Chronic low grade inflammation underlies all states of sickness and disease associated with aging. Everything that is "healthy" is probably good for chronic inflammation but eating blueberries or taking magnesium or focusing on nasal breathing are just too specific... not fundamental enough. What I want to know is what is the #1 best way to target inflammaging that will make a difference....I can worry about the marginal gains later.
Having said that.....what would you ask if you got a chance to talk to a PhD who is a retired academic researcher in multiple areas of human physiology, was a professional athlete in two sports, has been a lifelong bodybuilder, and who is now coaching top level athletes and older high performing older around the world? What would you ask him? Right....so would I. On episode 147 I took a deep dive into inflammaging with Dr. Dwayne Jackson to understand his approach to stop chronic inflammation from reducing our ability to perform and recover, and improve our health along the way. He did not disappoint.

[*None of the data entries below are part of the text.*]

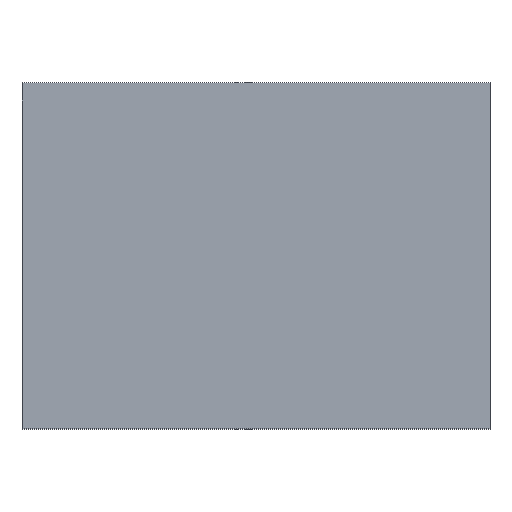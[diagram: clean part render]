
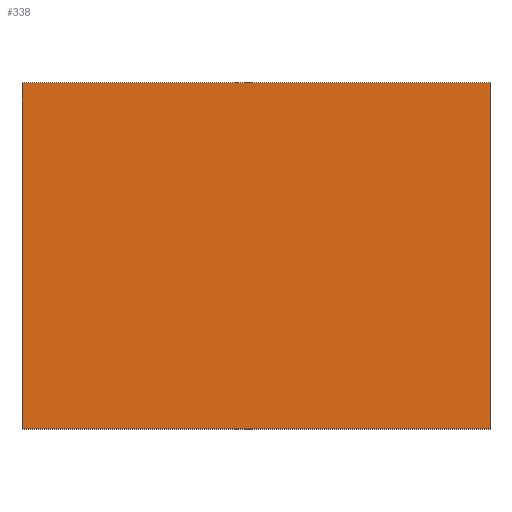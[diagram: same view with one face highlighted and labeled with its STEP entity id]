
A CAD part, top view. The second image highlights one B-rep face of the part: STEP entity #338.
In plain terms, the highlighted planar face has unit normal (0, 0, 1).
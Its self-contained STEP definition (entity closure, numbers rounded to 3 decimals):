
#24 = VERTEX_POINT('',#25);
#25 = CARTESIAN_POINT('',(629.5,0.5,-25.));
#32 = PLANE('',#33);
#33 = AXIS2_PLACEMENT_3D('',#34,#35,#36);
#34 = CARTESIAN_POINT('',(629.5,0.5,-30.));
#35 = DIRECTION('',(1.,0.,0.));
#36 = DIRECTION('',(0.,0.,1.));
#44 = PLANE('',#45);
#45 = AXIS2_PLACEMENT_3D('',#46,#47,#48);
#46 = CARTESIAN_POINT('',(629.5,0.5,-30.));
#47 = DIRECTION('',(0.,1.,0.));
#48 = DIRECTION('',(0.,0.,1.));
#85 = VERTEX_POINT('',#86);
#86 = CARTESIAN_POINT('',(629.5,17.5,-25.));
#100 = PLANE('',#101);
#101 = AXIS2_PLACEMENT_3D('',#102,#103,#104);
#102 = CARTESIAN_POINT('',(629.5,17.5,-30.));
#103 = DIRECTION('',(0.,1.,0.));
#104 = DIRECTION('',(0.,0.,1.));
#112 = EDGE_CURVE('',#24,#85,#113,.T.);
#113 = SURFACE_CURVE('',#114,(#118,#125),.PCURVE_S1.);
#114 = LINE('',#115,#116);
#115 = CARTESIAN_POINT('',(629.5,0.5,-25.));
#116 = VECTOR('',#117,1.);
#117 = DIRECTION('',(0.,1.,0.));
#118 = PCURVE('',#32,#119);
#119 = DEFINITIONAL_REPRESENTATION('',(#120),#124);
#120 = LINE('',#121,#122);
#121 = CARTESIAN_POINT('',(5.,0.));
#122 = VECTOR('',#123,1.);
#123 = DIRECTION('',(0.,-1.));
#124 = ( GEOMETRIC_REPRESENTATION_CONTEXT(2) 
PARAMETRIC_REPRESENTATION_CONTEXT() REPRESENTATION_CONTEXT('2D SPACE',''
  ) );
#125 = PCURVE('',#126,#131);
#126 = PLANE('',#127);
#127 = AXIS2_PLACEMENT_3D('',#128,#129,#130);
#128 = CARTESIAN_POINT('',(629.5,0.5,-25.));
#129 = DIRECTION('',(0.,0.,1.));
#130 = DIRECTION('',(1.,0.,0.));
#131 = DEFINITIONAL_REPRESENTATION('',(#132),#136);
#132 = LINE('',#133,#134);
#133 = CARTESIAN_POINT('',(0.,0.));
#134 = VECTOR('',#135,1.);
#135 = DIRECTION('',(0.,1.));
#136 = ( GEOMETRIC_REPRESENTATION_CONTEXT(2) 
PARAMETRIC_REPRESENTATION_CONTEXT() REPRESENTATION_CONTEXT('2D SPACE',''
  ) );
#144 = VERTEX_POINT('',#145);
#145 = CARTESIAN_POINT('',(652.5,0.5,-25.));
#152 = PLANE('',#153);
#153 = AXIS2_PLACEMENT_3D('',#154,#155,#156);
#154 = CARTESIAN_POINT('',(652.5,0.5,-30.));
#155 = DIRECTION('',(1.,0.,0.));
#156 = DIRECTION('',(0.,0.,1.));
#195 = VERTEX_POINT('',#196);
#196 = CARTESIAN_POINT('',(652.5,17.5,-25.));
#217 = EDGE_CURVE('',#144,#195,#218,.T.);
#218 = SURFACE_CURVE('',#219,(#223,#230),.PCURVE_S1.);
#219 = LINE('',#220,#221);
#220 = CARTESIAN_POINT('',(652.5,0.5,-25.));
#221 = VECTOR('',#222,1.);
#222 = DIRECTION('',(0.,1.,0.));
#223 = PCURVE('',#152,#224);
#224 = DEFINITIONAL_REPRESENTATION('',(#225),#229);
#225 = LINE('',#226,#227);
#226 = CARTESIAN_POINT('',(5.,0.));
#227 = VECTOR('',#228,1.);
#228 = DIRECTION('',(0.,-1.));
#229 = ( GEOMETRIC_REPRESENTATION_CONTEXT(2) 
PARAMETRIC_REPRESENTATION_CONTEXT() REPRESENTATION_CONTEXT('2D SPACE',''
  ) );
#230 = PCURVE('',#126,#231);
#231 = DEFINITIONAL_REPRESENTATION('',(#232),#236);
#232 = LINE('',#233,#234);
#233 = CARTESIAN_POINT('',(23.,0.));
#234 = VECTOR('',#235,1.);
#235 = DIRECTION('',(0.,1.));
#236 = ( GEOMETRIC_REPRESENTATION_CONTEXT(2) 
PARAMETRIC_REPRESENTATION_CONTEXT() REPRESENTATION_CONTEXT('2D SPACE',''
  ) );
#263 = EDGE_CURVE('',#24,#144,#264,.T.);
#264 = SURFACE_CURVE('',#265,(#269,#276),.PCURVE_S1.);
#265 = LINE('',#266,#267);
#266 = CARTESIAN_POINT('',(629.5,0.5,-25.));
#267 = VECTOR('',#268,1.);
#268 = DIRECTION('',(1.,0.,0.));
#269 = PCURVE('',#44,#270);
#270 = DEFINITIONAL_REPRESENTATION('',(#271),#275);
#271 = LINE('',#272,#273);
#272 = CARTESIAN_POINT('',(5.,0.));
#273 = VECTOR('',#274,1.);
#274 = DIRECTION('',(0.,1.));
#275 = ( GEOMETRIC_REPRESENTATION_CONTEXT(2) 
PARAMETRIC_REPRESENTATION_CONTEXT() REPRESENTATION_CONTEXT('2D SPACE',''
  ) );
#276 = PCURVE('',#126,#277);
#277 = DEFINITIONAL_REPRESENTATION('',(#278),#282);
#278 = LINE('',#279,#280);
#279 = CARTESIAN_POINT('',(0.,0.));
#280 = VECTOR('',#281,1.);
#281 = DIRECTION('',(1.,0.));
#282 = ( GEOMETRIC_REPRESENTATION_CONTEXT(2) 
PARAMETRIC_REPRESENTATION_CONTEXT() REPRESENTATION_CONTEXT('2D SPACE',''
  ) );
#310 = EDGE_CURVE('',#85,#195,#311,.T.);
#311 = SURFACE_CURVE('',#312,(#316,#323),.PCURVE_S1.);
#312 = LINE('',#313,#314);
#313 = CARTESIAN_POINT('',(629.5,17.5,-25.));
#314 = VECTOR('',#315,1.);
#315 = DIRECTION('',(1.,0.,0.));
#316 = PCURVE('',#100,#317);
#317 = DEFINITIONAL_REPRESENTATION('',(#318),#322);
#318 = LINE('',#319,#320);
#319 = CARTESIAN_POINT('',(5.,0.));
#320 = VECTOR('',#321,1.);
#321 = DIRECTION('',(0.,1.));
#322 = ( GEOMETRIC_REPRESENTATION_CONTEXT(2) 
PARAMETRIC_REPRESENTATION_CONTEXT() REPRESENTATION_CONTEXT('2D SPACE',''
  ) );
#323 = PCURVE('',#126,#324);
#324 = DEFINITIONAL_REPRESENTATION('',(#325),#329);
#325 = LINE('',#326,#327);
#326 = CARTESIAN_POINT('',(0.,17.));
#327 = VECTOR('',#328,1.);
#328 = DIRECTION('',(1.,0.));
#329 = ( GEOMETRIC_REPRESENTATION_CONTEXT(2) 
PARAMETRIC_REPRESENTATION_CONTEXT() REPRESENTATION_CONTEXT('2D SPACE',''
  ) );
#338 = ADVANCED_FACE('',(#339),#126,.T.);
#339 = FACE_BOUND('',#340,.T.);
#340 = EDGE_LOOP('',(#341,#342,#343,#344));
#341 = ORIENTED_EDGE('',*,*,#112,.F.);
#342 = ORIENTED_EDGE('',*,*,#263,.T.);
#343 = ORIENTED_EDGE('',*,*,#217,.T.);
#344 = ORIENTED_EDGE('',*,*,#310,.F.);

Dr Jackson even shared his secret breakfast feast that I have been eating every morning ever since. Be ready to take some notes.
This episode will definitely help if you find that you are....
- Recovering from exercise more slowly?
- Cutting calories but still cannot lose that last bit of visceral fat?
- Eliminating healthy foods because you can't digest them well...feel bloated...get constipated?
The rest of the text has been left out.